# Highlands Fabricators Ltd - Nigg - August 2009



## Misstee (Aug 31, 2009)

Hi everyone, be gentle with me as this is my first report.

Hubby and I were having a little jolly on the east coast and while waiting for the ferry from Nigg to Cromarty, we were parked right beside the Highlands Fabricators yard – or the welding school to be more precise.

Only had a point and click camera with me and not able to miss the ferry, so these are taken from outside the perimeter fence but it looks a great site and might be of some interest for further exploration by others in the Highland contingent. (Note for future: would love to join you guys but being built more for comfort than high fences and dodgy floors – I’ll stick to “through the fence” shots for now!)

So, a little bit of background:

Highlands Fabricators Ltd was part of the huge oil and gas terminal building industry based around the Cromarty Firth. Known as Hi-Fab, the yard opened in 1972 and at its height employed around 5000 people from all over the Highlands. For 30 years, the success of the business could be seen by anyone travelling in the area but the number of rigs lined up in the firth awaiting repairs.

The last major contract was completed in 1999.

Although there have been plans submitted to re-open at least part of the operation to bring jobs to the area, the ownership of the site is split and no-one has been able to offer a solution which meets the approval of both parties.

The situation has even been raised in the Westminster Parliament by local MP, Charles Kennedy but I was unable to find any information about positive moves forward although it has been suggested that the size of the dock and space available would make the site ideal for producing giant wind turbines.

The whole site extends to some 240 acres – I have just captured a few shots of the welding school which is based right at the Nigg Ferry terminal.
















































Grafitti






Moving gear by the ferry slipway







Ferry - used by workers in the past but now mainly a tourist treat






Looking back towards the site from the ferry






There’s a lovely article here written by a lady who actually trained and worked here from 1973: http://www.cromartylivingbythesea.co.uk/Interviewees-g.asp?intent=show&aid=53

More pics in my photobucket: http://s876.photobucket.com/albums/ab326/Misstee_reports/Hi-Fab Aug 09/

Thanks for looking.


----------



## the_historian (Aug 31, 2009)

Nice report and pics, Miss.
Any idea what the building was in a previous life? I'm intrigued by the camouflage paint on the shore side.


----------



## Misstee (Aug 31, 2009)

Hi Historian

I was researching it today before I posted the report and mostly found reposrts and references relating to the closure. However, there is a pill box on the quay right by ferry slip (seperate report) so there must've been a WW2 connection. I'll keep searching and post anything interesting I find.

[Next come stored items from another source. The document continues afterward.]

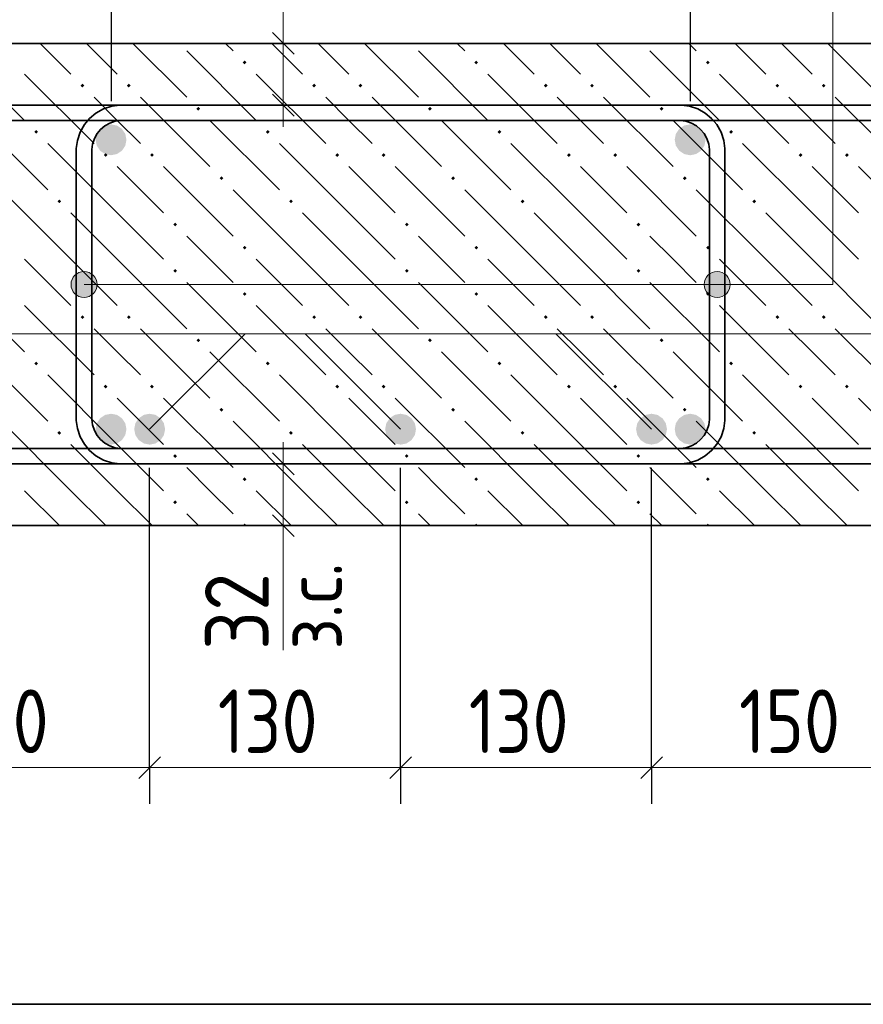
# Model space of a CAD drawing. Header units: millimetres. Extents: x 0 to 42000, y 0 to 29700.
# Tile 16 of 30: x 30962 to 33875, y 10926 to 14329. Entities that reach past the tile are written whole.
import ezdxf

# ---------------------------------------------------------------- set-up
doc = ezdxf.new("R2010")
doc.units = ezdxf.units.MM
doc.linetypes.add('______2', pattern=[270, 200, -70])
for name, color, linetype, lineweight in [('S1 Продольная арматура', 52, 'Continuous', 25), ('S2 ДОП Продольная арматура', 52, 'Continuous', 25), ('Standard', 7, 'Continuous', 25), ('Позиционная метка линия выноска', 7, 'Continuous', 13), ('Размерная выноска', 7, 'Continuous', 13), ('Хомут', 52, 'Continuous', 25)]:
    doc.layers.add(name, color=color, linetype=linetype, lineweight=lineweight)
doc.layers.add('ЖБ Пилон', color=7, linetype='______2', lineweight=13, true_color=0xa0a0a0)
doc.styles.add('ISOCPEUR', font='txt')

msp = doc.modelspace()

# ---------------------------------------------------------------- hatches: boundary and pattern name
at = {"layer": 'S1 Продольная арматура', "linetype": 'Continuous', "lineweight": 18, "transparency": 33554687}
for points in [[(31330.7, 13913.9), (31326.7, 13934.3), (31315.1, 13951.6), (31297.8, 13963.2), (31277.4, 13967.2), (31257, 13963.2), (31239.7, 13951.6), (31228.1, 13934.3), (31224.1, 13913.9), (31228.1, 13893.5), (31239.7, 13876.2), (31257, 13864.6), (31277.4, 13860.5), (31297.8, 13864.6), (31315.1, 13876.2), (31326.7, 13893.5)], [(31330.7, 13913.9), (31326.7, 13934.3), (31315.1, 13951.6), (31297.8, 13963.2), (31277.4, 13967.2), (31257, 13963.2), (31239.7, 13951.6), (31228.1, 13934.3), (31224.1, 13913.9), (31228.1, 13893.5), (31239.7, 13876.2), (31257, 13864.6), (31277.4, 13860.5), (31297.8, 13864.6), (31315.1, 13876.2), (31326.7, 13893.5)], [(33330.7, 13913.9), (33326.7, 13934.3), (33315.1, 13951.6), (33297.8, 13963.2), (33277.4, 13967.2), (33257, 13963.2), (33239.7, 13951.6), (33228.1, 13934.3), (33224.1, 13913.9), (33228.1, 13893.5), (33239.7, 13876.2), (33257, 13864.6), (33277.4, 13860.5), (33297.8, 13864.6), (33315.1, 13876.2), (33326.7, 13893.5)], [(33330.7, 13913.9), (33326.7, 13934.3), (33315.1, 13951.6), (33297.8, 13963.2), (33277.4, 13967.2), (33257, 13963.2), (33239.7, 13951.6), (33228.1, 13934.3), (33224.1, 13913.9), (33228.1, 13893.5), (33239.7, 13876.2), (33257, 13864.6), (33277.4, 13860.5), (33297.8, 13864.6), (33315.1, 13876.2), (33326.7, 13893.5)], [(31330.7, 12913.9), (31326.7, 12934.3), (31315.1, 12951.6), (31297.8, 12963.2), (31277.4, 12967.2), (31257, 12963.2), (31239.7, 12951.6), (31228.1, 12934.3), (31224.1, 12913.9), (31228.1, 12893.5), (31239.7, 12876.2), (31257, 12864.6), (31277.4, 12860.5), (31297.8, 12864.6), (31315.1, 12876.2), (31326.7, 12893.5)], [(31330.7, 12913.9), (31326.7, 12934.3), (31315.1, 12951.6), (31297.8, 12963.2), (31277.4, 12967.2), (31257, 12963.2), (31239.7, 12951.6), (31228.1, 12934.3), (31224.1, 12913.9), (31228.1, 12893.5), (31239.7, 12876.2), (31257, 12864.6), (31277.4, 12860.5), (31297.8, 12864.6), (31315.1, 12876.2), (31326.7, 12893.5)], [(33330.7, 12913.9), (33326.7, 12934.3), (33315.1, 12951.6), (33297.8, 12963.2), (33277.4, 12967.2), (33257, 12963.2), (33239.7, 12951.6), (33228.1, 12934.3), (33224.1, 12913.9), (33228.1, 12893.5), (33239.7, 12876.2), (33257, 12864.6), (33277.4, 12860.5), (33297.8, 12864.6), (33315.1, 12876.2), (33326.7, 12893.5)], [(33330.7, 12913.9), (33326.7, 12934.3), (33315.1, 12951.6), (33297.8, 12963.2), (33277.4, 12967.2), (33257, 12963.2), (33239.7, 12951.6), (33228.1, 12934.3), (33224.1, 12913.9), (33228.1, 12893.5), (33239.7, 12876.2), (33257, 12864.6), (33277.4, 12860.5), (33297.8, 12864.6), (33315.1, 12876.2), (33326.7, 12893.5)]]:
    msp.add_hatch(color=7, dxfattribs=at).paths.add_polyline_path(points)
at = {"layer": 'S2 ДОП Продольная арматура', "linetype": 'Continuous', "lineweight": 25, "transparency": 33554687}
for points in [[(31464.1, 12913.9), (31460, 12934.3), (31448.5, 12951.6), (31431.2, 12963.2), (31410.7, 12967.2), (31390.3, 12963.2), (31373, 12951.6), (31361.5, 12934.3), (31357.4, 12913.9), (31361.5, 12893.5), (31373, 12876.2), (31390.3, 12864.6), (31410.7, 12860.5), (31431.2, 12864.6), (31448.5, 12876.2), (31460, 12893.5)], [(31464.1, 12913.9), (31460, 12934.3), (31448.5, 12951.6), (31431.2, 12963.2), (31410.7, 12967.2), (31390.3, 12963.2), (31373, 12951.6), (31361.5, 12934.3), (31357.4, 12913.9), (31361.5, 12893.5), (31373, 12876.2), (31390.3, 12864.6), (31410.7, 12860.5), (31431.2, 12864.6), (31448.5, 12876.2), (31460, 12893.5)], [(32330.7, 12913.9), (32326.7, 12934.3), (32315.1, 12951.6), (32297.8, 12963.2), (32277.4, 12967.2), (32257, 12963.2), (32239.7, 12951.6), (32228.1, 12934.3), (32224.1, 12913.9), (32228.1, 12893.5), (32239.7, 12876.2), (32257, 12864.6), (32277.4, 12860.5), (32297.8, 12864.6), (32315.1, 12876.2), (32326.7, 12893.5)], [(32330.7, 12913.9), (32326.7, 12934.3), (32315.1, 12951.6), (32297.8, 12963.2), (32277.4, 12967.2), (32257, 12963.2), (32239.7, 12951.6), (32228.1, 12934.3), (32224.1, 12913.9), (32228.1, 12893.5), (32239.7, 12876.2), (32257, 12864.6), (32277.4, 12860.5), (32297.8, 12864.6), (32315.1, 12876.2), (32326.7, 12893.5)], [(33197.4, 12913.9), (33193.4, 12934.3), (33181.8, 12951.6), (33164.5, 12963.2), (33144.1, 12967.2), (33123.7, 12963.2), (33106.4, 12951.6), (33094.8, 12934.3), (33090.7, 12913.9), (33094.8, 12893.5), (33106.4, 12876.2), (33123.7, 12864.6), (33144.1, 12860.5), (33164.5, 12864.6), (33181.8, 12876.2), (33193.4, 12893.5)], [(33197.4, 12913.9), (33193.4, 12934.3), (33181.8, 12951.6), (33164.5, 12963.2), (33144.1, 12967.2), (33123.7, 12963.2), (33106.4, 12951.6), (33094.8, 12934.3), (33090.7, 12913.9), (33094.8, 12893.5), (33106.4, 12876.2), (33123.7, 12864.6), (33144.1, 12860.5), (33164.5, 12864.6), (33181.8, 12876.2), (33193.4, 12893.5)]]:
    msp.add_hatch(color=7, dxfattribs=at).paths.add_polyline_path(points)
at = {"layer": 'ЖБ Пилон', "linetype": 'Continuous', "lineweight": 18, "transparency": 33554687}
for points in [[(31732.2, 14181.1), (31738.7, 14187.6), (31745.2, 14181.1), (31738.7, 14174.6)], [(32532.2, 14181.1), (32538.7, 14187.6), (32545.2, 14181.1), (32538.7, 14174.6)], [(33332.2, 14181.1), (33338.7, 14187.6), (33345.2, 14181.1), (33338.7, 14174.6)], [(31172.2, 14101.1), (31178.7, 14107.6), (31185.2, 14101.1), (31178.7, 14094.6)], [(31332.2, 14101.1), (31338.7, 14107.6), (31345.2, 14101.1), (31338.7, 14094.6)], [(31972.2, 14101.1), (31978.7, 14107.6), (31985.2, 14101.1), (31978.7, 14094.6)], [(32132.2, 14101.1), (32138.7, 14107.6), (32145.2, 14101.1), (32138.7, 14094.6)], [(32772.2, 14101.1), (32778.7, 14107.6), (32785.2, 14101.1), (32778.7, 14094.6)], [(32932.2, 14101.1), (32938.7, 14107.6), (32945.2, 14101.1), (32938.7, 14094.6)], [(33572.2, 14101.1), (33578.7, 14107.6), (33585.2, 14101.1), (33578.7, 14094.6)], [(33732.2, 14101.1), (33738.7, 14107.6), (33745.2, 14101.1), (33738.7, 14094.6)], [(31572.2, 14021.1), (31578.7, 14027.6), (31585.2, 14021.1), (31578.7, 14014.6)], [(32372.2, 14021.1), (32378.7, 14027.6), (32385.2, 14021.1), (32378.7, 14014.6)], [(33172.2, 14021.1), (33178.7, 14027.6), (33185.2, 14021.1), (33178.7, 14014.6)], [(31012.2, 13941.1), (31018.7, 13947.6), (31025.2, 13941.1), (31018.7, 13934.6)], [(31812.2, 13941.1), (31818.7, 13947.6), (31825.2, 13941.1), (31818.7, 13934.6)], [(32612.2, 13941.1), (32618.7, 13947.6), (32625.2, 13941.1), (32618.7, 13934.6)], [(33412.2, 13941.1), (33418.7, 13947.6), (33425.2, 13941.1), (33418.7, 13934.6)], [(31252.2, 13861.1), (31258.7, 13867.6), (31265.2, 13861.1), (31258.7, 13854.6)], [(31412.2, 13861.1), (31418.7, 13867.6), (31425.2, 13861.1), (31418.7, 13854.6)], [(32052.2, 13861.1), (32058.7, 13867.6), (32065.2, 13861.1), (32058.7, 13854.6)], [(32212.2, 13861.1), (32218.7, 13867.6), (32225.2, 13861.1), (32218.7, 13854.6)], [(32852.2, 13861.1), (32858.7, 13867.6), (32865.2, 13861.1), (32858.7, 13854.6)], [(33012.2, 13861.1), (33018.7, 13867.6), (33025.2, 13861.1), (33018.7, 13854.6)], [(33652.2, 13861.1), (33658.7, 13867.6), (33665.2, 13861.1), (33658.7, 13854.6)], [(33812.2, 13861.1), (33818.7, 13867.6), (33825.2, 13861.1), (33818.7, 13854.6)], [(31652.2, 13781.1), (31658.7, 13787.6), (31665.2, 13781.1), (31658.7, 13774.6)], [(32452.2, 13781.1), (32458.7, 13787.6), (32465.2, 13781.1), (32458.7, 13774.6)], [(33252.2, 13781.1), (33258.7, 13787.6), (33265.2, 13781.1), (33258.7, 13774.6)], [(31092.2, 13701.1), (31098.7, 13707.6), (31105.2, 13701.1), (31098.7, 13694.6)], [(31892.2, 13701.1), (31898.7, 13707.6), (31905.2, 13701.1), (31898.7, 13694.6)], [(32692.2, 13701.1), (32698.7, 13707.6), (32705.2, 13701.1), (32698.7, 13694.6)], [(33492.2, 13701.1), (33498.7, 13707.6), (33505.2, 13701.1), (33498.7, 13694.6)], [(31492.2, 13621.1), (31498.7, 13627.6), (31505.2, 13621.1), (31498.7, 13614.6)], [(32292.2, 13621.1), (32298.7, 13627.6), (32305.2, 13621.1), (32298.7, 13614.6)], [(33092.2, 13621.1), (33098.7, 13627.6), (33105.2, 13621.1), (33098.7, 13614.6)], [(31732.2, 13541.1), (31738.7, 13547.6), (31745.2, 13541.1), (31738.7, 13534.6)], [(32532.2, 13541.1), (32538.7, 13547.6), (32545.2, 13541.1), (32538.7, 13534.6)], [(33332.2, 13541.1), (33338.7, 13547.6), (33345.2, 13541.1), (33338.7, 13534.6)], [(31492.2, 13461.1), (31498.7, 13467.6), (31505.2, 13461.1), (31498.7, 13454.6)], [(32292.2, 13461.1), (32298.7, 13467.6), (32305.2, 13461.1), (32298.7, 13454.6)], [(33092.2, 13461.1), (33098.7, 13467.6), (33105.2, 13461.1), (33098.7, 13454.6)], [(31732.2, 13381.1), (31738.7, 13387.6), (31745.2, 13381.1), (31738.7, 13374.6)], [(32532.2, 13381.1), (32538.7, 13387.6), (32545.2, 13381.1), (32538.7, 13374.6)], [(33332.2, 13381.1), (33338.7, 13387.6), (33345.2, 13381.1), (33338.7, 13374.6)], [(31172.2, 13301.1), (31178.7, 13307.6), (31185.2, 13301.1), (31178.7, 13294.6)], [(31332.2, 13301.1), (31338.7, 13307.6), (31345.2, 13301.1), (31338.7, 13294.6)], [(31972.2, 13301.1), (31978.7, 13307.6), (31985.2, 13301.1), (31978.7, 13294.6)], [(32132.2, 13301.1), (32138.7, 13307.6), (32145.2, 13301.1), (32138.7, 13294.6)], [(32772.2, 13301.1), (32778.7, 13307.6), (32785.2, 13301.1), (32778.7, 13294.6)], [(32932.2, 13301.1), (32938.7, 13307.6), (32945.2, 13301.1), (32938.7, 13294.6)], [(33572.2, 13301.1), (33578.7, 13307.6), (33585.2, 13301.1), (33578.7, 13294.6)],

http://www.niggyard.com/brochurepdf/niggyardsiteplan.pdf
Just found this link for the sale of the yard – puts my pics into perspective – the bit I was looking at was “B” on the plan…!

Zimbob and Bryag are your men for real info – I’ve seen a report by them on another site - this is their neck of the woods, I was just on my jollies.


----------



## zimbob (Aug 31, 2009)

Arrrrr, you've been on the Pirate vessel 

This was an MTB (Motor Torpedo Boat) base back in the day, there's still a bit left to see, including the original magazine, with the remnants of the internal railway that served it - you may have noticed these running out onto the jetty by the the Ferry slip...

It was built just before WW1 IIRC, and was given up in 1956, as were the batteries nearby. It was taken over by the fabrication yard and used a welding school until around 1999, and there are many remains of this still in place. Hope that helps 

There's a cracking couple of gun batteries on either side of the Firth too, loads to see in this neck of the woods


----------



## the_historian (Aug 31, 2009)

Ah, cheers Miss and Zimbob.


----------



## Misstee (Aug 31, 2009)

Thanks Zimbob

I've found a few more of your reports now about this area. We go over to the East Coast for a few days when we get chance so would be good to track a few more down. Hubby can spot birds and I can hunt WW1&2 defences.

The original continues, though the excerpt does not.